In Leith v Eccles, 2024 ONSC 4769, the applicant, Linda, brought a motion to receive an equalization payment from the estate of her late husband, William (the “Estate”). Linda wanted to apply the equalization payment towards the purchase of the matrimonial home she had lived in with William for many years, but which now belonged to the Estate. While Linda was entitled to receive an equalization payment from the Estate, the Court ultimately found that the matrimonial home had to be sold in order to determine the quantum of Linda’s equalization payment.
William died on December 29, 2021 with a last will and testament (the “Will”). William owned bank accounts, a pension, RRSP accounts, and six properties (including the matrimonial home). Under the Will, Linda was to receive only ½ of the amounts in William’s bank accounts, pension, and RRSP. Meanwhile, the Will bequeathed the properties to William’s children, and distributed the remaining balance of the Estate among the children in equal shares. In short, Linda was to receive only a small fraction of the Estate under the Will. Unsurprisingly, the Court found that William had “not otherwise provided for [Linda] in his estate.”
The Court found that Linda was entitled to make a claim for equalization of net family property in lieu of receiving the gifts specified for her under the Will, pursuant to s. 5(2) of the Family Law Act, RSO 1990, c F.3 (the “FLA”).
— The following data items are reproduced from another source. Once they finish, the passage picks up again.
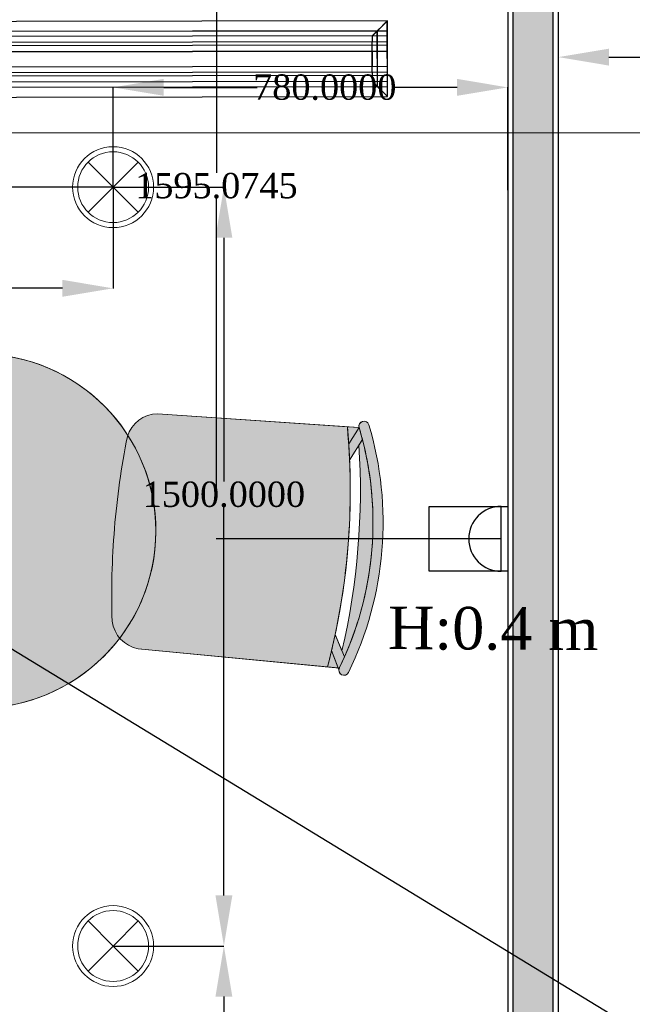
# Model space of a CAD drawing. Header units: millimetres. Extents: x 0 to 88385, y 0 to 41127.
# Tile 114 of 244: x 69181 to 70392, y 18273 to 20219. Entities that reach past the tile are written whole.
import ezdxf
from ezdxf import colors
from ezdxf.entities.mleader import LeaderData, LeaderLine
from ezdxf.math import Vec2, Vec3

# ---------------------------------------------------------------- set-up
doc = ezdxf.new("R2010")
doc.units = ezdxf.units.MM
doc.header["$MEASUREMENT"] = 0
for name, color, linetype in [('- განათება', 7, 'Continuous'), ('- მექანიკური ნაწილი', 7, 'Continuous'), ('- საშტეფცელო როზეტები', 7, 'Continuous'), ('Edges', 7, 'Continuous'), ('New_Structural - Bearing', 7, 'Continuous')]:
    doc.layers.add(name, color=color, linetype=linetype)
for name, color, linetype, lineweight in [('2D Drafting - General_Pen_No__2', 8, 'Continuous', 15), ('New_2D Drafting - General_Pen_No__1', 7, 'Continuous', 13), ('New_Archicad Doors_Pen_No__1', 7, 'Continuous', 13), ('New_Drawing & Figure_Pen_No__1', 7, 'Continuous', 13)]:
    doc.layers.add(name, color=color, linetype=linetype, lineweight=lineweight)
for name, color, linetype, lineweight, true_color in [('New_2D Drafting - General_Pen_No__62', 7, 'Continuous', 20, 0xaaaaaa), ('New_Drawing & Figure_Pen_No__62', 7, 'Continuous', 20, 0xaaaaaa), ('New_Interior - Lamp_Pen_No__77', 7, 'Continuous', 20, 0xffeb28), ('New_Structural - Bearing_Pen_No__5', 7, 'Continuous', 25, 0x40a5ff), ('New_Structural - Bearing_Pen_No__57', 7, 'Continuous', 25, 0xdcd214)]:
    doc.layers.add(name, color=color, linetype=linetype, lineweight=lineweight, true_color=true_color)
doc.styles.add('CT', font='ARIALN.TTF', dxfattribs={"height": 200})
doc.styles.get("Standard").update_dxf_attribs({"font": 'sylfaen.ttf'})
doc.dimstyles.get("Standard").update_dxf_attribs({"dimtxt": 0.18, "dimasz": 0.18, "dimexe": 0.18, "dimexo": 0.0625, "dimgap": 0.09, "dimtad": 0, "dimtih": 1, "dimtoh": 1, "dimdec": 4, "dimzin": 0, "dimdsep": 46, "dimtxsty": 'Standard', "dimcen": 0.09, "dimadec": 0, "dimazin": 0, "dimtfac": 1, "dimtdec": 4, "dimtofl": 0, "dimtmove": 0, "dimatfit": 3, "dimfxl": 1, "dimtolj": 1, "dimtzin": 0, "dimarcsym": 0})

# ---------------------------------------------------------------- blocks, each defined once
blk = doc.blocks.new('Door_3')
at = {"layer": 'New_Archicad Doors_Pen_No__1', "color": 7, "linetype": 'Continuous', "lineweight": 13}
for p, q in [((370, 0), (370, 820)), ((370, 820), (410, 820)), ((410, 820), (410, 0)), ((-487, 0), (-487, 19)), ((-487, 19), (-437, 19)), ((-437, 0), (-487, 0)), ((-450, 0), (-487, 0)), ((-450, 0), (-487, 0)), ((-410, 0), (-450, 0)), ((-450, 0), (-450, -115)), ((-450, 0), (-450, -10)), ((-450, 0), (-450, -10)), ((-437, 19), (-437, 0)), ((-410, -115), (-410, 0)), ((410, 0), (370, 0)), ((450, 0), (410, 0)), ((410, 0), (410, -115)), ((437, 19), (487, 19)), ((437, 0), (437, 19)), ((487, 0), (437, 0)), ((450, -115), (450, 0)), ((450, 0), (450, -10)), ((450, 0), (450, -10)), ((450, 0), (487, 0)), ((450, 0), (487, 0)), ((487, 19), (487, 0)), ((-450, -10), (-450, -90)), ((-450, -10), (-450, -90)), ((450, -10), (450, -90)), ((450, -10), (450, -90)), ((-450, -90), (-450, -100)), ((-450, -90), (-450, -100)), ((450, -90), (450, -100)), ((450, -90), (450, -100)), ((-487, -119), (-487, -100)), ((-487, -100), (-437, -100)), ((-450, -100), (-487, -100)), ((-450, -100), (-487, -100)), ((-450, -115), (-410, -115)), ((-437, -100), (-437, -119)), ((410, -115), (450, -115)), ((437, -100), (487, -100)), ((437, -119), (437, -100)), ((450, -100), (487, -100)), ((450, -100), (487, -100)), ((487, -100), (487, -119)), ((-437, -119), (-487, -119)), ((487, -119), (437, -119))]:
    blk.add_line(p, q, dxfattribs=at)
blk.add_arc((410, 0), 820, 90, 180, dxfattribs=at)
blk = doc.blocks.new('Wall_46', base_point=(2382.1, 20888))
at = {"layer": 'New_Archicad Doors_Pen_No__1', "color": 7, "linetype": 'Continuous', "lineweight": 13, "zscale": 1000, "rotation": 180}
blk.add_blockref('Door_3', (-13422.3, 20788), dxfattribs=at)
blk = doc.blocks.new('Wall_53', base_point=(-14094.7, 20888))
at = {"layer": 'New_Structural - Bearing_Pen_No__57', "linetype": 'Continuous', "lineweight": 25, "true_color": 0xdcd214}
blk.add_hatch(color=52, dxfattribs=at).paths.add_polyline_path([(-14084.7, 20788), (-14084.7, 12953.1), (-14004.7, 12953.1), (-14004.7, 20788)])
at = {"layer": 'New_Structural - Bearing_Pen_No__5', "color": 161, "linetype": 'Continuous', "lineweight": 25, "true_color": 0x40a5ff}
for p, q in [((-14084.7, 20788), (-14084.7, 12953.1)), ((-14004.7, 12953.1), (-14004.7, 20788))]:
    blk.add_line(p, q, dxfattribs=at)
at = {"layer": 'New_Structural - Bearing_Pen_No__5', "color": 161, "linetype": 'Continuous', "lineweight": 25, "true_color": 0x40a5ff, "flags": 128}
for points in [[(-14094.7, 20788), (-14094.7, 12953.1)], [(-13994.7, 12953.1), (-13994.7, 20788)]]:
    blk.add_lwpolyline(points, dxfattribs=at)
blk = doc.blocks.new('- საშტეფცელო როზეტი IP22')
at = {"layer": '- საშტეფცელო როზეტები', "color": 5}
for p, q in [((8536.7, 3822.7), (8536.7, 3888.1)), ((8472.6, 3758.6), (8600.9, 3758.6))]:
    blk.add_line(p, q, dxfattribs=at)
blk.add_arc((8536.7, 3758.6), 64.1, 0, 180, dxfattribs=at)
blk = doc.blocks.new('1 ჩარჩო')
at = {"layer": '- საშტეფცელო როზეტები', "color": 5}
blk.add_lwpolyline([(7775.1, 3905.1), (7903.3, 3905.1), (7903.3, 3750.1), (7775.1, 3750.1)], close=True, dxfattribs=at)
blk = doc.blocks.new('lineardiffplan')
at = {"layer": 'Edges'}
for p, q in [((392.8, 274.9), (392.8, 274.6)), ((393.1, 274.9), (392.8, 274.9)), ((422.8, 244.9), (392.8, 274.9)), ((392.8, 274.6), (392.9, 274.5)), ((392.9, 125.2), (392.9, 274.5)), ((412.4, 255), (392.9, 274.5)), ((393.1, 274.9), (393.2, 274.8)), ((393.2, 274.8), (412.7, 255.3)), ((1462.8, 244.9), (1492.8, 274.9)), ((1472.9, 255.3), (1492.4, 274.8)), ((1473.2, 254.9), (1492.8, 274.5)), ((1492.4, 274.8), (1492.5, 274.9)), ((1492.8, 274.9), (1492.5, 274.9)), ((1492.8, 274.5), (1492.8, 274.9)), ((1492.8, 274.5), (1492.8, 274.5)), ((1492.8, 125.4), (1492.8, 274.5)), ((1492.8, 255.3), (392.9, 255.3)), ((392.9, 254.9), (1492.8, 254.9)), ((412.4, 144.7), (412.4, 255)), ((412.8, 254.6), (412.4, 255)), ((412.7, 255.3), (413.1, 254.9)), ((412.8, 145.1), (412.8, 254.6)), ((412.8, 254.6), (422.8, 244.6)), ((413.1, 254.9), (423.1, 244.9)), ((1472.5, 254.9), (1462.5, 244.9)), ((1462.9, 244.6), (1472.8, 254.5)), ((1472.9, 255.3), (1472.5, 254.9)), ((1472.8, 254.5), (1473.2, 254.9)), ((1472.8, 254.5), (1472.8, 145.3)), ((1473.2, 144.9), (1473.2, 254.9)), ((392.9, 244.9), (1492.8, 244.9)), ((422.8, 244.6), (422.8, 244.9)), ((422.8, 244.9), (423.1, 244.9)), ((422.8, 244.6), (422.8, 244.6)), ((422.8, 244.6), (422.8, 233.2)), ((423.1, 244.9), (423.1, 244.9)), ((1462.5, 244.9), (1462.5, 244.9)), ((1462.5, 244.9), (1462.8, 244.9)), ((1462.8, 244.9), (1462.9, 244.6)), ((1462.8, 244.5), (1462.9, 244.6)), ((1462.8, 233.2), (1462.8, 244.5)), ((392.9, 233.2), (1492.8, 233.2)), ((392.9, 233), (1492.8, 233)), ((392.9, 226.8), (1492.8, 226.8)), ((392.9, 226.5), (1492.8, 226.5)), ((392.9, 214.9), (1492.8, 214.9)), ((1492.8, 214.8), (392.9, 214.8)), ((422.4, 214.9), (422.3, 214.9)), ((422.8, 214.9), (422.4, 214.9)), ((422.8, 233), (422.8, 233.2)), ((422.8, 226.8), (422.8, 233)), ((422.8, 226.5), (422.8, 226.8)), ((422.8, 214.9), (422.8, 226.5)), ((422.8, 184.9), (422.8, 214.9)), ((423.2, 214.9), (422.8, 214.9)), ((423.2, 214.8), (422.8, 214.9)), ((423.2, 214.8), (423.2, 214.9)), ((423.2, 214.8), (423.2, 184.9)), ((1462.8, 214.9), (1462.4, 214.9)), ((1462.4, 214.9), (1462.4, 214.8)), ((1462.8, 214.9), (1462.4, 214.8)), ((1462.4, 184.9), (1462.4, 214.8)), ((1462.8, 233), (1462.8, 233.2)), ((1462.8, 226.8), (1462.8, 233)), ((1462.8, 226.5), (1462.8, 226.8)), ((1462.8, 214.9), (1462.8, 226.5)), ((1462.8, 214.9), (1462.8, 184.9)), ((1462.8, 214.9), (1463.2, 214.9)), ((1463.2, 214.9), (1463.3, 214.9)), ((1492.8, 184.9), (392.9, 184.9)), ((422.4, 184.9), (422.3, 184.9)), ((422.8, 184.9), (422.4, 184.9)), ((422.8, 184.9), (423.2, 184.9)), ((422.8, 173.2), (422.8, 184.9)), ((1462.4, 184.9), (1462.8, 184.9)), ((1462.8, 173.2), (1462.8, 184.9)), ((1463.2, 184.9), (1462.8, 184.9)), ((1463.2, 184.9), (1463.3, 184.9)), ((392.9, 173.2), (1492.8, 173.2)), ((392.9, 173), (1492.8, 173)), ((392.9, 166.8), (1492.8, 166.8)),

The Court also noted that Linda’s claim for equalization would take priority over the specific bequests to William’s children under the Will. However, it was unclear exactly how much Linda would be entitled to. While the parties estimated that Linda would be entitled to receive an equalization payment in the range of $2,100,000 to $2,400,000, the exact quantum was ultimately contingent on the actual sale price of the properties.
As discussed, Linda wanted to use her equalization payment to purchase the matrimonial home from the Estate. Linda argued that the quantum of her equalization payment could be determined without selling the matrimonial home. Linda referred to ss. 7 (1) and 9(1) of the FLA, which together provide that a court may, in satisfaction of an equalization payment, order that “property be transferred to or in trust for or vested in a spouse, whether absolutely, for life or for a term of years.” Linda also referred to the court’s broad and general power to grant a vesting order under s. 100 of the Courts of Justice Act, RSO 1990, c C43.
In dismissing Linda’s argument, the Court referred to the general rule for granting a vesting order in the context of equalization under the FLA:
“The onus is on the party seeking such an order, and as a general rule the court’s discretion will only be exercised in favour of a s. 9(1) order where it is established – based on the targeted spouse’s previous actions and reasonably anticipated future behaviour – that the equalization payment order granted will not likely be complied with in the absence of additional, more intrusive provisions.”
In other words, absent any concern that an equalization payment will not be honoured, a court should not grant an order vesting property in (i.e., transferring property to) a surviving spouse. In Leith v Eccles, there was no such concern. Once all the properties (including the matrimonial home) were sold, there would be sufficient funds for the Estate to make good on its obligation to equalize Linda.
In addition, the Court placed significant weight on William’s testamentary intentions. Whatever his reasons (and no matter how harsh they appeared), William specifically chose not to bequeath the matrimonial home (or any other real property) to Linda. William’s testamentary decision in this respect was a “significant factor that [the court] must consider when determining the manner in which [Linda] will receive her equalization payment from the Estate.”
In the end, the Court ordered the sale of the properties, including the matrimonial home. Once the properties were sold, the Estate would have sufficient assets to pay the full equalization amount owed to Linda, without the need to transfer the matrimonial home to her in satisfaction of her equalization payment. While this meant that Linda would not be able to purchase or receive the matrimonial home, it also meant that William’s children would not receive the specific properties that had been bequeathed to them under the Will.
Leith v Eccles serves as a useful reminder of the importance of careful testamentary planning, particularly where the testator has a spouse and children. Poor testamentary planning can lead to unintended and undesirable results for all beneficiaries.